Actually that last part wasn't entirely true. The last couple of
releases of the kernel include the inet_check_attr function,
which (unwillingly) breaks with the tradition of ignoring
unknown attributes and signals an error on receiving the RTA_TABLE
attribute. So the iproute patch only includes the RTA_TABLE
attribute when the table ID is > 255, in which case rtm_table
is set to RT_TABLE_UNSPEC. Old kernels will still have the
behaviour I described above.
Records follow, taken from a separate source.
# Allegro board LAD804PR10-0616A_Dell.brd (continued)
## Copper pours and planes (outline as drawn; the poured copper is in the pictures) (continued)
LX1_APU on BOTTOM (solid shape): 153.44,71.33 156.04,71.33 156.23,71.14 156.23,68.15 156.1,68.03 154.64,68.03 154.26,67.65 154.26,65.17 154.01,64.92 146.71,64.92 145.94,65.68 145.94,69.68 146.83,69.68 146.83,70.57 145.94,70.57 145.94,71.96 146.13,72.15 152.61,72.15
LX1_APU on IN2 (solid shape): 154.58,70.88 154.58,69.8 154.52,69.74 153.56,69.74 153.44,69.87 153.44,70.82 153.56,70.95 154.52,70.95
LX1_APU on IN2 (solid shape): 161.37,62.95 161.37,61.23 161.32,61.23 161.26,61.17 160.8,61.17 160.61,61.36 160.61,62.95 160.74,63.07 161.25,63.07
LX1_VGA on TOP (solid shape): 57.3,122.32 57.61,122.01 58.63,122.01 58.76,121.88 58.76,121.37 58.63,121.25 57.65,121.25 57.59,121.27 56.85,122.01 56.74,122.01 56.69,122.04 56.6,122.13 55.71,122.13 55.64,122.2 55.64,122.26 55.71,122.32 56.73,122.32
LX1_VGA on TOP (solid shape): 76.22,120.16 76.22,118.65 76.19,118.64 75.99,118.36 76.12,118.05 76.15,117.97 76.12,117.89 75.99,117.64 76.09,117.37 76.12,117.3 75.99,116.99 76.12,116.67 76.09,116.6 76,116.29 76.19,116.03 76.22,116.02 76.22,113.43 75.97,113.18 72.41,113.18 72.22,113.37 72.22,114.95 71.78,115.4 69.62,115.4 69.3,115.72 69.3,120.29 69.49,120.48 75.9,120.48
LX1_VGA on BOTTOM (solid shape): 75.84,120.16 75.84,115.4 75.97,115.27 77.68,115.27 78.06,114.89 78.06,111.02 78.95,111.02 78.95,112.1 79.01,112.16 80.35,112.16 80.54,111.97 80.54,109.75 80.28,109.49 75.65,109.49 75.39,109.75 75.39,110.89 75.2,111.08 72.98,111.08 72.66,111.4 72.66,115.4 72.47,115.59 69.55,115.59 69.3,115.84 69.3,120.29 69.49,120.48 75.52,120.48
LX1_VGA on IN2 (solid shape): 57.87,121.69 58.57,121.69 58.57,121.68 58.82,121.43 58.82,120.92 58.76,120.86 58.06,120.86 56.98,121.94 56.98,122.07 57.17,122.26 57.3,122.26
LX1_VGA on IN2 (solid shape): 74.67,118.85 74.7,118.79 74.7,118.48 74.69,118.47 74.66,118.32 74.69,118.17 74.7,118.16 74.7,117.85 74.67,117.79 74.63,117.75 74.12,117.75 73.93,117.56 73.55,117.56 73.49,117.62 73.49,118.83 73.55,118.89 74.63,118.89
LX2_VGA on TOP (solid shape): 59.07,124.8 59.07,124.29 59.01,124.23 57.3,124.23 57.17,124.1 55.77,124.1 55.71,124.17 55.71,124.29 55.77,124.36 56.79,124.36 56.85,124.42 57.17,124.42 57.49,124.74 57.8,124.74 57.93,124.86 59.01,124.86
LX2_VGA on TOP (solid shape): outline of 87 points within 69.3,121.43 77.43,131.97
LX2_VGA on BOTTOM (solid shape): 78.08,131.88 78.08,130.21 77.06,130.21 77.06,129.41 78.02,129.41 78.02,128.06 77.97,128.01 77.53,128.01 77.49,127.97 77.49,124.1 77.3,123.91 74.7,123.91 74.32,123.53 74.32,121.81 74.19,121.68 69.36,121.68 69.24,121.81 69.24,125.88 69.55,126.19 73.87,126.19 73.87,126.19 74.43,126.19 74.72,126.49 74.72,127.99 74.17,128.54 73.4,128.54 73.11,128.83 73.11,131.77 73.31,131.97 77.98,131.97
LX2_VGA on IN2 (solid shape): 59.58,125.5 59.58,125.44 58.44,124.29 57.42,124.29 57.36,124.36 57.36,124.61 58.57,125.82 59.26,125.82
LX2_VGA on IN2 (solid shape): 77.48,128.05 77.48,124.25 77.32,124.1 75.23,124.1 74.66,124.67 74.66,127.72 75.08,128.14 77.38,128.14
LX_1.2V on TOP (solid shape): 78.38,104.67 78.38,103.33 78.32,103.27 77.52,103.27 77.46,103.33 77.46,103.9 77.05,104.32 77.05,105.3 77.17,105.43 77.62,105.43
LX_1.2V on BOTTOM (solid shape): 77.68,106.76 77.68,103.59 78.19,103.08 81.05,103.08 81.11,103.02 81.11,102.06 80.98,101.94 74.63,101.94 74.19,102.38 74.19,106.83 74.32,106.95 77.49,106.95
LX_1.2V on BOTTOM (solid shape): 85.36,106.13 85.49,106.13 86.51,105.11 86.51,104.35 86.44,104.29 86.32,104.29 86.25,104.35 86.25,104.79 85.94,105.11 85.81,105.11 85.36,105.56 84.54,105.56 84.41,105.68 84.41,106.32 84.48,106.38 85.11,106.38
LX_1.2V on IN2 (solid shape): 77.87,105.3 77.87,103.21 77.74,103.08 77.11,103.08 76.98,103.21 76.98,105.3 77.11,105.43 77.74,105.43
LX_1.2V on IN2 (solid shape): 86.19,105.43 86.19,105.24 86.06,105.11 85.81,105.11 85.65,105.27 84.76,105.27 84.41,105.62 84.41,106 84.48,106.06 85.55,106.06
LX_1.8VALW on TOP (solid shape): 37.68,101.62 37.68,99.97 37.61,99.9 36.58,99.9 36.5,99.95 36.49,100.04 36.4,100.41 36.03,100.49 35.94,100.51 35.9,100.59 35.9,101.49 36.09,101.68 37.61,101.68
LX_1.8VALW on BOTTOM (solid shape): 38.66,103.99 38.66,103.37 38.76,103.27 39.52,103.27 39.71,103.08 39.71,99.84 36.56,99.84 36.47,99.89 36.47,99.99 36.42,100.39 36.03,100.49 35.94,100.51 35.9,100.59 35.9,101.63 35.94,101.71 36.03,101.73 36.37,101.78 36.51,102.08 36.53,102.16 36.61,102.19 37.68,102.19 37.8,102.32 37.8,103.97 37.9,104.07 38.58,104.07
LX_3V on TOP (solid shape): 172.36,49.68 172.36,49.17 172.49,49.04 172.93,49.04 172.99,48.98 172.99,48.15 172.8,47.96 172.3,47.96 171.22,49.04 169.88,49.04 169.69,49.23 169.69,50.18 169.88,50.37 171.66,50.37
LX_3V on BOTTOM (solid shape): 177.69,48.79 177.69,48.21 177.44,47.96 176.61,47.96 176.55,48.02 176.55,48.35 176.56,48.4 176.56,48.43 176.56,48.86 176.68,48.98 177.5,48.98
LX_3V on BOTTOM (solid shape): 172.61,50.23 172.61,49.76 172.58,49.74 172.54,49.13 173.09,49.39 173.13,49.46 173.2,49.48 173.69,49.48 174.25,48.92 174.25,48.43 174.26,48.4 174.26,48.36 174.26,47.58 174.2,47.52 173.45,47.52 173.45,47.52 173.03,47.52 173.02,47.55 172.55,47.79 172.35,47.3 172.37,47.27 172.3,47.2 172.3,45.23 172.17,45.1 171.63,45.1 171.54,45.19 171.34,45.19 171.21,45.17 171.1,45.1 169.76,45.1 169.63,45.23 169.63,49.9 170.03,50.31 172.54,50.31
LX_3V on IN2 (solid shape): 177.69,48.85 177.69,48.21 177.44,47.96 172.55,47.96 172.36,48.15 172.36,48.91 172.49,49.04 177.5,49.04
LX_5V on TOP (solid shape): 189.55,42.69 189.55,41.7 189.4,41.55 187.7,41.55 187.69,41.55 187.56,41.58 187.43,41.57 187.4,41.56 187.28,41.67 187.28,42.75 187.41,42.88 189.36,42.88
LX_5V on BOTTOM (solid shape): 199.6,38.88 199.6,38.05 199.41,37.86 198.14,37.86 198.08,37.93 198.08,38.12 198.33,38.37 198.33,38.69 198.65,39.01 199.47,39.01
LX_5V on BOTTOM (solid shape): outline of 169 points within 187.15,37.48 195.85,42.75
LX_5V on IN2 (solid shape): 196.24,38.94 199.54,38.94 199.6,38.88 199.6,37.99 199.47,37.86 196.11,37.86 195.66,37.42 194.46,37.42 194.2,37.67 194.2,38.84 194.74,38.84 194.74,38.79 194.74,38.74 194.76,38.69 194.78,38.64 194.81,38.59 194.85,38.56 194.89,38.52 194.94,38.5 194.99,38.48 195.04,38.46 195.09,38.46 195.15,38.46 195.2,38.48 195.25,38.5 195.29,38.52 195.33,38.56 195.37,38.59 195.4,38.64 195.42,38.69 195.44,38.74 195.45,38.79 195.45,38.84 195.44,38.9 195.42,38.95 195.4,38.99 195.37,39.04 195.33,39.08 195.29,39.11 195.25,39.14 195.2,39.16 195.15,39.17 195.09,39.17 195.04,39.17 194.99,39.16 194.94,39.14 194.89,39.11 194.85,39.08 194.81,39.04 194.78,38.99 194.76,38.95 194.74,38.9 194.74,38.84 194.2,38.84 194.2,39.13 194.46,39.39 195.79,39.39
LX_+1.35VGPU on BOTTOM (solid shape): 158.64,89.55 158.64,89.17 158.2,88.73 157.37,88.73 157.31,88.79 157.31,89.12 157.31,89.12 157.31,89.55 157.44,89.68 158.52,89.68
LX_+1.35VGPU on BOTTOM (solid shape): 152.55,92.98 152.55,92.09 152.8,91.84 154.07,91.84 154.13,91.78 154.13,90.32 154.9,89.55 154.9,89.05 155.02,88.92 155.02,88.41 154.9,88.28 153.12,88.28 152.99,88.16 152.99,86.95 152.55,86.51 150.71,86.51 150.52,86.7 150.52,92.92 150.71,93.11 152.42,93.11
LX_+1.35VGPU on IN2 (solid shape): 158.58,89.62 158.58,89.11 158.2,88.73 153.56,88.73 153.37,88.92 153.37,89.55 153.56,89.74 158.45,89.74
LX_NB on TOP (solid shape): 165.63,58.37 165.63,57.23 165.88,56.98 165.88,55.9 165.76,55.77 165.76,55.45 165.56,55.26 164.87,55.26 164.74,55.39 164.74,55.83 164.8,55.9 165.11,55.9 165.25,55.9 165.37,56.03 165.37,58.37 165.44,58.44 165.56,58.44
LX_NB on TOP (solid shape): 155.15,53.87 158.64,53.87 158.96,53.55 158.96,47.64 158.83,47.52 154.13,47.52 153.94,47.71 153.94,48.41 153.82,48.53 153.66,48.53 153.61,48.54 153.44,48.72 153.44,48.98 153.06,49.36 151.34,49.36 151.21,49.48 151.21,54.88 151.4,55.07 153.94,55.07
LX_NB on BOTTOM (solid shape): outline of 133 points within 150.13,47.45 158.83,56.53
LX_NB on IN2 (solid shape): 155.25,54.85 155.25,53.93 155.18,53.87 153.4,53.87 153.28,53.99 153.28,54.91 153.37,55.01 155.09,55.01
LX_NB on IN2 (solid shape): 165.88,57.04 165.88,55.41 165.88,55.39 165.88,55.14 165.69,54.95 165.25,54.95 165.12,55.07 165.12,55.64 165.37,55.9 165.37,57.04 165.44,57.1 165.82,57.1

The patch has been tested to
behave as expected on both patched and unpatched kernels.
[-- Attachment #2: x --]
[-- Type: text/plain, Size: 10047 bytes --]
diff --git a/include/linux/rtnetlink.h b/include/linux/rtnetlink.h
index 5e33a20..7573c62 100644
--- a/include/linux/rtnetlink.h
+++ b/include/linux/rtnetlink.h
@@ -238,9 +238,8 @@ enum rt_class_t
RT_TABLE_DEFAULT=253,
RT_TABLE_MAIN=254,
RT_TABLE_LOCAL=255,
- __RT_TABLE_MAX
};
-#define RT_TABLE_MAX (__RT_TABLE_MAX - 1)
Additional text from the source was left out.